The researchers chose Turkish, Moroccan and Yugoslav second-generation youth as the focus because they were looking for large groups of people that reside in many European countries.
They put a standard set of questions - about education, employment and different attitudes to identity - to almost 10,000 people between the ages of 18 and 35 in Sweden, Germany, Austria, France, the Netherlands, Belgium, Spain and Switzerland, and compared their subjects with control groups made up of the offspring of native citizens.
The master plan had been to compare the so-called multicultural models of integration in Sweden and the Netherlands; the French republican system that counts all those born in France as French citizens by automatic right; and Germany which - until relatively recently - excluded from citizenship those not born to German parents.
Crul and his colleagues discussed their findings at a conference in Amsterdam in December, and the only conclusion so far, is that there is no single model to ensure integration in European countries.
“Second-generation Turks make a nice comparison group because they are in seven of the eight countries we are looking at,” says Crul. “The assumption was always that national integration models will affect the integration of both first- and second-generation youth and will do it across the board in the same ways. So in the labour market, education and identity you would see the same pattern, either more positive, or more negative.”

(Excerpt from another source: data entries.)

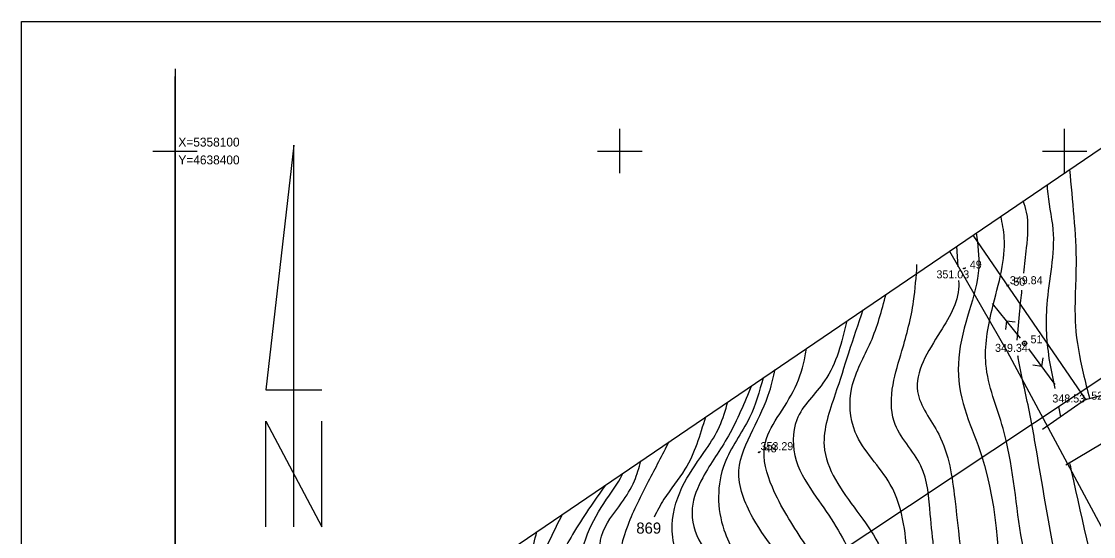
# Model space of a CAD drawing. Extents: x 4632591 to 4651936, y 5351032 to 5369988.
# Drawn here: x 4638382.7 to 4638503.3, y 5358056.7 to 5358114.6 of the extents above; entities that cross this region are included whole.
import ezdxf

# ---------------------------------------------------------------- set-up
doc = ezdxf.new("R2010")
doc.units = 0
for name, color, linetype in [('EBUPP_312', 7, 'Continuous'), ('EDZPD_211', 7, 'Continuous'), ('EDZPD_219', 7, 'Continuous'), ('EUZPU_218', 7, 'Continuous'), ('EUZPU_424', 7, 'Continuous'), ('UEEPA_510', 7, 'Continuous'), ('UEETA_516', 7, 'Continuous'), ('UGGPO_583', 7, 'Continuous'), ('Warstwa 25', 7, 'Continuous'), ('Warstwa 40', 7, 'Continuous'), ('Warstwa 60', 7, 'Continuous'), ('Warstwa 62', 7, 'Continuous'), ('WUKPS_403', 7, 'Continuous'), ('WWRPH_811', 7, 'Continuous'), ('WWRPH_812', 7, 'Continuous'), ('WWRPH_814', 7, 'Continuous')]:
    doc.layers.add(name, color=color, linetype=linetype)

msp = doc.modelspace()

# ---------------------------------------------------------------- linework, layer by layer
at = {"layer": 'EBUPP_312'}
msp.add_lwpolyline([(4638382.73, 5358114.56), (4638591.48, 5358114.56), (4638591.48, 5357941.24), (4638382.73, 5357941.24), (4638382.73, 5358114.56)], dxfattribs=at)
at = {"layer": 'EDZPD_219'}
msp.add_line((4638429.37, 5358024.9), (4638519.22, 5358084.49), dxfattribs=at)
at = {"layer": 'EUZPU_218'}
msp.add_line((4638489.68, 5358090.54), (4638502.33, 5358072.06), dxfattribs=at)
at = {"layer": 'EUZPU_424'}
for p, q in [((4638502.33, 5358072.06), (4638497.51, 5358068.69)), ((4638505.48, 5358067.87), (4638500.14, 5358064.69))]:
    msp.add_line(p, q, dxfattribs=at)
msp.add_lwpolyline([(4638502.33, 5358072.06), (4638516.32, 5358075.71), (4638526.85, 5358076.56)], dxfattribs=at)
at = {"layer": 'UEEPA_510'}
msp.add_circle((4638495.5, 5358078.39), 0.25, dxfattribs=at)
at = {"layer": 'UEETA_516'}
for p, q in [((4638495.03, 5358078.97), (4638491.89, 5358082.87)), ((4638493.46, 5358080.92), (4638493.35, 5358079.93)), ((4638493.46, 5358080.92), (4638494.45, 5358080.81)), ((4638495.94, 5358077.78), (4638498.89, 5358073.75)), ((4638497.42, 5358075.77), (4638496.43, 5358075.92)), ((4638497.42, 5358075.77), (4638497.57, 5358076.75))]:
    msp.add_line(p, q, dxfattribs=at)
at = {"layer": 'UGGPO_583'}
msp.add_lwpolyline([(4638487.07, 5358088.76), (4638493.53, 5358077.47), (4638509.46, 5358047.84), (4638521.2, 5358032.94), (4638525.99, 5358026.32)], dxfattribs=at)
at = {"layer": 'Warstwa 25'}
for points in [[(4638413.33, 5358057.75), (4638413.33, 5358100.67), (4638410.19, 5358073.15), (4638416.48, 5358073.15)], [(4638410.19, 5358057.75), (4638410.19, 5358069.64), (4638416.48, 5358057.75), (4638416.48, 5358069.64)]]:
    msp.add_lwpolyline(points, dxfattribs=at)
at = {"layer": 'Warstwa 40'}
msp.add_line((4638385.83, 5358019.95), (4638506.88, 5358102.23), dxfattribs=at)
at = {"layer": 'Warstwa 60'}
for p, q in [((4638400, 5358109.24), (4638400, 5358000)), ((4638400, 5358000), (4638400, 5358108.37)), ((4638450, 5358097.5), (4638450, 5358102.5)), ((4638500, 5358097.5), (4638500, 5358102.5)), ((4638397.5, 5358100), (4638400, 5358100)), ((4638400, 5358100), (4638402.5, 5358100)), ((4638447.5, 5358100), (4638452.5, 5358100)), ((4638497.5, 5358100), (4638502.5, 5358100))]:
    msp.add_line(p, q, dxfattribs=at)
at = {"layer": 'WUKPS_403'}
for centre in [(4638488.67, 5358086.79), (4638493.57, 5358084.86), (4638495.5, 5358078.39), (4638502.33, 5358072.06), (4638465.62, 5358066.14)]:
    msp.add_circle(centre, 0.045, dxfattribs=at)
at = {"layer": 'WWRPH_811'}
for p, q in [((4638487.85, 5358089.29), (4638487.98, 5358086.99)), ((4638499.58, 5358070.14), (4638499.35, 5358071.28))]:
    msp.add_line(p, q, dxfattribs=at)
for points in [[(4638498.94, 5358073.31), (4638498.34, 5358076.3), (4638498.03, 5358082.74), (4638498.72, 5358091.18), (4638498.09, 5358095.75), (4638498.07, 5358096.24)], [(4638488.07, 5358085.46), (4638488.09, 5358085.18), (4638486.02, 5358079.68), (4638483.46, 5358072.99), (4638485.84, 5358068.17), (4638487.65, 5358060.92), (4638490.21, 5358046.85), (4638491.89, 5358043.01)], [(4638486.78, 5358042.09), (4638482.96, 5358049.73), (4638481.9, 5358058.1), (4638480.4, 5358062.54), (4638476.46, 5358068.42), (4638476.08, 5358073.42), (4638478.21, 5358078.55), (4638479.92, 5358083.9)], [(4638475.51, 5358080.9), (4638473.02, 5358074.17), (4638469.89, 5358069.8), (4638469.83, 5358065.23), (4638472.08, 5358061.11), (4638476.08, 5358054.35), (4638479.65, 5358042.72), (4638480.37, 5358041.41)], [(4638474.59, 5358039.31), (4638472.58, 5358044.1), (4638470.45, 5358050.35), (4638464.95, 5358058.79), (4638463.39, 5358064.11), (4638464.95, 5358068.67), (4638466.83, 5358072.99), (4638467.47, 5358075.44)], [(4638459.61, 5358070.1), (4638457.32, 5358064.23), (4638454.95, 5358060.86), (4638453.85, 5358058.85)], [(4638447.94, 5358049.13), (4638447.82, 5358052.91), (4638447.94, 5358056.73), (4638450.2, 5358060.48), (4638451.63, 5358062.92), (4638452.36, 5358065.17)], [(4638504.75, 5358046.17), (4638504.66, 5358046.6), (4638500.78, 5358064.04), (4638500.58, 5358064.95)], [(4638448.37, 5358062.46), (4638444.69, 5358056.92), (4638442.5, 5358051.79), (4638442.75, 5358047.41), (4638445.76, 5358041.85), (4638448.38, 5358038.78), (4638451.43, 5358034.16)], [(4638445.31, 5358032.23), (4638443.94, 5358034.09), (4638438.63, 5358040.66), (4638437.44, 5358044.97), (4638438.19, 5358050.29), (4638439.94, 5358054.48), (4638440.65, 5358057.21)]]:
    msp.add_spline(points, degree=3, dxfattribs=at)
at = {"layer": 'WWRPH_812'}
for points in [[(4638500.55, 5358097.93), (4638501.03, 5358092.62), (4638501.28, 5358087.18), (4638501.22, 5358080.36), (4638502.09, 5358075.05), (4638502.8, 5358072.18)], [(4638495.42, 5358086.28), (4638495.72, 5358089.12), (4638495.72, 5358093.12), (4638495.35, 5358094.39)], [(4638490.06, 5358090.79), (4638490.34, 5358086.87), (4638489.28, 5358082.05), (4638488.09, 5358076.74), (4638488.59, 5358071.61), (4638490.28, 5358066.92), (4638492.88, 5358047.93)], [(4638507.89, 5358014.06), (4638504.03, 5358018.52), (4638499.47, 5358023.53), (4638496.34, 5358028.84), (4638494.03, 5358033.09), (4638490.65, 5358040.53), (4638486.15, 5358051.16), (4638484.9, 5358059.17), (4638483.84, 5358064.61), (4638480.83, 5358069.61), (4638480.71, 5358073.74), (4638481.71, 5358077.55), (4638483.02, 5358083.12), (4638483.4, 5358087.24)], [(4638494.67, 5358078.73), (4638494.96, 5358082.05), (4638495.2, 5358084.36)], [(4638477.32, 5358082.14), (4638475.71, 5358077.3), (4638474.21, 5358072.67), (4638472.96, 5358066.86), (4638476.64, 5358059.54), (4638479.02, 5358055.92), (4638482.96, 5358042.66), (4638485.77, 5358038.22), (4638488.46, 5358034.53), (4638490.71, 5358029.34), (4638492.96, 5358024.03), (4638495.84, 5358020.96), (4638500.03, 5358016.96), (4638502.78, 5358014.27), (4638504.78, 5358011.96)], [(4638501.56, 5358009.8), (4638497.03, 5358013.71), (4638491.59, 5358019.34), (4638488.71, 5358023.4), (4638486.9, 5358027.53), (4638484.84, 5358031.09), (4638481.08, 5358034.84), (4638478.46, 5358039.1), (4638473.08, 5358052.23), (4638470.64, 5358056.1), (4638467.14, 5358062.23), (4638466.27, 5358066.86), (4638467.7, 5358070.05), (4638469.7, 5358073.42), (4638470.83, 5358076.99), (4638470.97, 5358077.82)], [(4638510.76, 5358026.73), (4638507.35, 5358031.47), (4638504.16, 5358037.91), (4638501.03, 5358046.22), (4638496.9, 5358065.98), (4638495.72, 5358072.24), (4638494.78, 5358076.74), (4638494.74, 5358076.97)], [(4638466.1, 5358074.51), (4638464.58, 5358070.05), (4638461.76, 5358064.86), (4638461.7, 5358057.42), (4638464.58, 5358052.41), (4638469.2, 5358045.97), (4638474.39, 5358034.91), (4638478.4, 5358029.65), (4638483.77, 5358024.46), (4638485.46, 5358021.84), (4638488.27, 5358017.9), (4638491.15, 5358013.96), (4638494.46, 5358009.9), (4638497.43, 5358007.02)], [(4638467.04, 5358035.09), (4638460.76, 5358047.47), (4638457.2, 5358052.6), (4638455.89, 5358057.98), (4638457.26, 5358062.73), (4638459.7, 5358066.48), (4638461.2, 5358069.05), (4638462.14, 5358071.81)], [(4638455.51, 5358067.31), (4638453.2, 5358062.86), (4638450.88, 5358057.92), (4638449.95, 5358053.23), (4638452.7, 5358046.79), (4638456.2, 5358042.6), (4638465.31, 5358026.8)], [(4638484.97, 5357998.63), (4638482.4, 5358003.02), (4638479.77, 5358007.14), (4638472.96, 5358013.02), (4638466.7, 5358017.59), (4638462.89, 5358020.78), (4638458.7, 5358027.34), (4638450.82, 5358039.35), (4638447.07, 5358044.35), (4638445.13, 5358047.29), (4638445.13, 5358052.41), (4638446.38, 5358056.98), (4638448.51, 5358060.86), (4638450.26, 5358063.61), (4638450.35, 5358063.8)], [(4638443.52, 5358059.16), (4638441.07, 5358053.66), (4638440.07, 5358049.1), (4638439.67, 5358045.4)]]:
    msp.add_spline(points, degree=3, dxfattribs=at)
at = {"layer": 'WWRPH_814'}
for points in [[(4638497.94, 5358045.09), (4638495.09, 5358056.85), (4638493.09, 5358068.8), (4638491.15, 5358076.05), (4638491.84, 5358082.18), (4638492.9, 5358086.55), (4638493.21, 5358090.24), (4638492.84, 5358092.69)], [(4638464.78, 5358073.62), (4638462.2, 5358067.98), (4638459.32, 5358063.29), (4638458.14, 5358059.86), (4638459.14, 5358055.85), (4638462.58, 5358051.91), (4638466.39, 5358043.85), (4638468.78, 5358039.05)]]:
    msp.add_spline(points, degree=3, dxfattribs=at)

# ---------------------------------------------------------------- texts
at = {"layer": 'EDZPD_211'}
msp.add_text('869', height=1.25, dxfattribs=at).set_placement((4638451.85, 5358057))
at = {"layer": 'Warstwa 25'}
for s, p in [(' X=5358100 ', (4638400, 5358100.5)), (' Y=4638400 ', (4638400, 5358098.5))]:
    msp.add_text(s, height=1, dxfattribs=at).set_placement(p)
at = {"layer": 'Warstwa 62'}
for s, p in [('. 49', (4638488.67, 5358086.79)), ('. 50', (4638493.57, 5358084.86)), ('. 51', (4638495.5, 5358078.39)), ('. 52', (4638502.33, 5358072.06)), ('. 48', (4638465.62, 5358066.14))]:
    msp.add_text(s, height=0.9, dxfattribs=at).set_placement(p)
at = {"layer": 'WUKPS_403'}
for s, p in [('351.03', (4638485.59, 5358085.69)), ('349.84', (4638493.84, 5358085.03)), ('349.34', (4638492.18, 5358077.43)), ('348.53', (4638498.62, 5358071.74)), ('353.29', (4638465.81, 5358066.38))]:
    msp.add_text(s, height=0.9, dxfattribs=at).set_placement(p)

doc.saveas('drawing.dxf')

Looking at the findings, Crul says, “You see different trends in different domains. Sometimes you see good outcomes in education in one country but worse outcomes in the labour market. You see a high identification with the country of residence, but poor performance in education. So it seems the idea that you can have an integration model that has a positive effect on all these domains doesn’t come through.”
France, for instance, has a higher proportion of second-generation migrants going into university education, mostly because the French school system is more open than others. In Germany, the children of migrants begin school much later, are fluent in Turkish but not in German, attend for less time each day, and then face academic selection at the age of 10.
“Which means for the second-generation Turks that an overwhelming majority in Germany move into ‘Hauptschule’ or ‘Realschule’ - the vocational track - and at the age of 15 enter a dual system where they find an apprenticeship position in a company and only go to school one or two days a week,” the researcher adds. “They are stuck at the bottom but make a smoother transition to the labour market, compared to France.”
Dr Jens Schneider, also of the Institute for Migration and Ethnic Studies in Amsterdam, presented evidence at the December conference about the complex question of identity in Europe.
“The children are not automatically seen as nationals, as part of the majority population, which is different from the United States, or Canada, or Australia, where you have a clear understanding that someone born in that country is part of that country,” he says.
This enduring sense of difference provokes a diversity of possible reactions, he notes.
“You can say: ‘I don’t care, I feel that I am part of here’,” Schneider says. “But you can also say: ‘If you don’t want me, if you don’t accept me, then I am what you want me to be. I am a Turk, or I am a radical Muslim, or whatever’.”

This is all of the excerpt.